*What needs to be done*
Count every line in this listing that has "Title". Reply with only the total.
+--
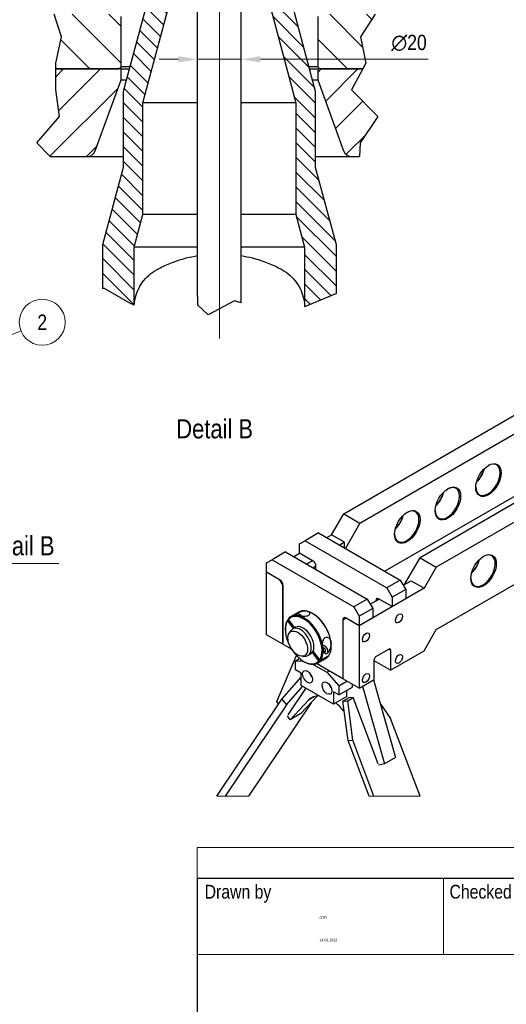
# Model space of a CAD drawing. Header units: millimetres. Extents: x 0 to 18279, y -668 to 2227.
# Tile 27 of 42: x 2181 to 2658, y 514 to 1479. Entities that reach past the tile are written whole.
import ezdxf
from ezdxf.enums import TextEntityAlignment as Align

# ---------------------------------------------------------------- set-up
doc = ezdxf.new("R2018")
doc.units = ezdxf.units.MM
doc.header["$LTSCALE"] = 7.5
for name, color, linetype, lineweight in [('Break Line (ISO)', 7, 'Continuous', 25), ('Centerline (ISO)', 7, 'Continuous', 9), ('Detail Boundary (ISO)', 7, 'Continuous', 9), ('Dimension (ISO)', 7, 'Continuous', 9), ('Hatch (ISO)', 7, 'Continuous', 9), ('Symbol (ISO)', 7, 'Continuous', 9), ('Title (ISO)', 7, 'Continuous', 18), ('Visible (ISO)', 7, 'Continuous', 25), ('Visible Narrow (ISO)', 7, 'Continuous', 18)]:
    doc.layers.add(name, color=color, linetype=linetype, lineweight=lineweight)
doc.styles.get("Standard").update_dxf_attribs({"font": 'ARIALN.TTF'})
doc.styles.add('Text 2_0 mm', font='ARIALN.TTF')
doc.styles.add('Text 2_5 mm', font='ARIALN.TTF')
doc.dimstyles.new('Imenco', dxfattribs={"dimscale": 7.5, "dimtxt": 2, "dimasz": 2.5, "dimexe": 1.2, "dimexo": 1, "dimgap": 0.2, "dimtad": 1, "dimrnd": 1e-08, "dimtxsty": 'Text 2_0 mm', "dimcen": 0.09, "dimdle": 10, "dimclrd": 256, "dimclre": 256, "dimclrt": 256, "dimazin": 2, "dimtfac": 1, "dimtdec": 3, "dimtmove": 0, "dimatfit": 3, "dimfxl": 1, "dimtolj": 1, "dimlwd": -1, "dimlwe": -1, "dimarcsym": 0})

# ---------------------------------------------------------------- blocks, each defined once
blk = doc.blocks.new('Title Blocks Imenco Engineering Cadit')
at = {"layer": 'Title (ISO)', "lineweight": 18}
for p, q in [((759.99, -178.68), (759.99, -174.68)), ((759.99, -174.68), (855.99, -174.68)), ((792.21, -188.68), (792.21, -178.68)), ((855.99, -188.68), (759.99, -188.68))]:
    blk.add_line(p, q, dxfattribs=at)
at = {"layer": 'Title (ISO)', "lineweight": 25}
for q in [(855.99, -178.68), (759.99, -253.68)]:
    blk.add_line((759.99, -178.68), q, dxfattribs=at)
at = {"layer": 'Symbol (ISO)', "lineweight": 30, "flags": 104}
for tag, p in [('Gen._Tol', (781.49, 17.12)), ('Gen._Welding_Tol', (814.49, 17.12)), ('Gen._Machine_Surface', (848.99, 17.12))]:
    blk.add_attdef(tag, text='', height=2, dxfattribs=at).set_placement(p, align=Align.BOTTOM_LEFT)
at = {"layer": 'Title (ISO)', "char_height": 1.8, "attachment_point": 1, "style": 'Text 2_0 mm'}
for s, insert, width in [('\\fArial Narrow|b0|i0;\\H1.8000;Drawn by', (760.99, -179.56), 13.7779), ('\\fArial Narrow|b0|i0;\\H1.8000;Checked by', (792.99, -179.56), 13.4851)]:
    blk.add_mtext(s, dxfattribs=dict(at, insert=insert, width=width))
at = {"layer": 'Title (ISO)', "lineweight": 30, "flags": 104}
for tag, height, p in [('LifeCycleState2', 2.5, (808.23, -176.81)), ('Draw_by', 2, (776, -183.68)), ('Checked_by', 2, (807.57, -183.68)), ('Approved_by', 2, (839.99, -183.68)), ('Drawn_date', 2, (776, -186.61)), ('Checked_date', 2, (807.57, -186.61)), ('Approved_date', 2, (839.99, -186.61)), ('Client', 3.5, (831.99, -196.18)), ('Project_No', 2.5, (842.11, -242.27)), ('PART_NUMBER', 3.5, (808.95, -249.81)), ('REVISION_NUMBER', 3.5, (851.79, -250.68))]:
    blk.add_attdef(tag, text='', height=height, dxfattribs=at).set_placement(p, align=Align.MIDDLE_CENTER)
for tag, p in [('PROJECT', (761.99, -220.18)), ('ct_description', (761.99, -230.18))]:
    blk.add_attdef(tag, text='', height=3.5, dxfattribs=at).set_placement(p, align=Align.BOTTOM_LEFT)
blk.add_attdef('MATERIAL', text='', height=2.5, dxfattribs=at).set_placement((792.19, -233.43), align=Align.TOP_CENTER)
blk.add_attdef('Client_Drawing_No', text='', height=2.5, dxfattribs=at).set_placement((812.99, -242.51), align=Align.MIDDLE_RIGHT)
blk = doc.blocks.new('Balloon3')
at = {"layer": 'Symbol (ISO)'}
for p, q in [((271.1, 148.37), (291, 156.5)), ((270.91, 148.83), (268.79, 147.43)), ((271.1, 148.37), (268.79, 147.43)), ((271.29, 147.91), (270.91, 148.83)), ((268.79, 147.43), (271.29, 147.91))]:
    blk.add_line(p, q, dxfattribs=at)
at = {"layer": 'Symbol (ISO)', "flags": 128}
blk.add_lwpolyline([(270.91, 148.83), (268.79, 147.43), (271.29, 147.91), (270.91, 148.83)], dxfattribs=at)
at = {"layer": 'Symbol (ISO)'}
blk.add_circle((293.77, 157.63), 3, dxfattribs=at)
blk.add_solid([(270.91, 148.83), (268.79, 147.43), (271.29, 147.91), (270.91, 148.83)], dxfattribs=at)
at = {"layer": 'Symbol (ISO)', "insert": (293.77, 157.63), "char_height": 2, "attachment_point": 5, "style": 'Text 2_0 mm'}
blk.add_mtext('2', dxfattribs=at)
blk = doc.blocks.new('2dDetail0')
at = {"layer": 'Detail Boundary (ISO)'}
for p, q in [((272.62, 121.16), (282.63, 126.12)), ((282.63, 126.12), (295.95, 126.12))]:
    blk.add_line(p, q, dxfattribs=at)
at = {"layer": 'Detail Boundary (ISO)', "flags": 128}
blk.add_lwpolyline([(253.48, 120.15), (272.62, 120.15), (272.62, 157.4), (253.48, 157.4), (253.48, 120.15)], dxfattribs=at)
at = {"layer": 'Detail Boundary (ISO)', "insert": (285.35, 127.14), "char_height": 2.5, "attachment_point": 7, "style": 'Text 2_5 mm'}
blk.add_mtext('Detail B', dxfattribs=at)
blk = doc.blocks.new('*D45')
at = {"layer": 'Defpoints', "color": 0, "transparency": 16777216}
for p in [(2355.54, 1439.8), (2398.39, 1439.8), (2398.39, 1439.78)]:
    blk.add_point(p, dxfattribs=at)
at = {"layer": 'Dimension (ISO)', "transparency": 16777216}
for p, q in [((2336.79, 1439.8), (2318.04, 1439.8)), ((2355.54, 1439.8), (2398.39, 1439.8)), ((2417.14, 1439.8), (2581.49, 1439.8))]:
    blk.add_line(p, q, dxfattribs=at)
for points in [[(2336.79, 1442.93), (2336.79, 1436.68), (2355.54, 1439.8)], [(2417.14, 1442.93), (2417.14, 1436.68), (2398.39, 1439.8)]]:
    blk.add_solid(points, dxfattribs=at)
at = {"layer": 'Dimension (ISO)', "transparency": 16777216, "insert": (2545.52, 1463.87), "char_height": 15, "attachment_point": 1, "style": 'Text 2_0 mm'}
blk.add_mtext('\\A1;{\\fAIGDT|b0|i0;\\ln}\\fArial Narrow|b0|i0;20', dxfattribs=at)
+--
*Exercise output*
6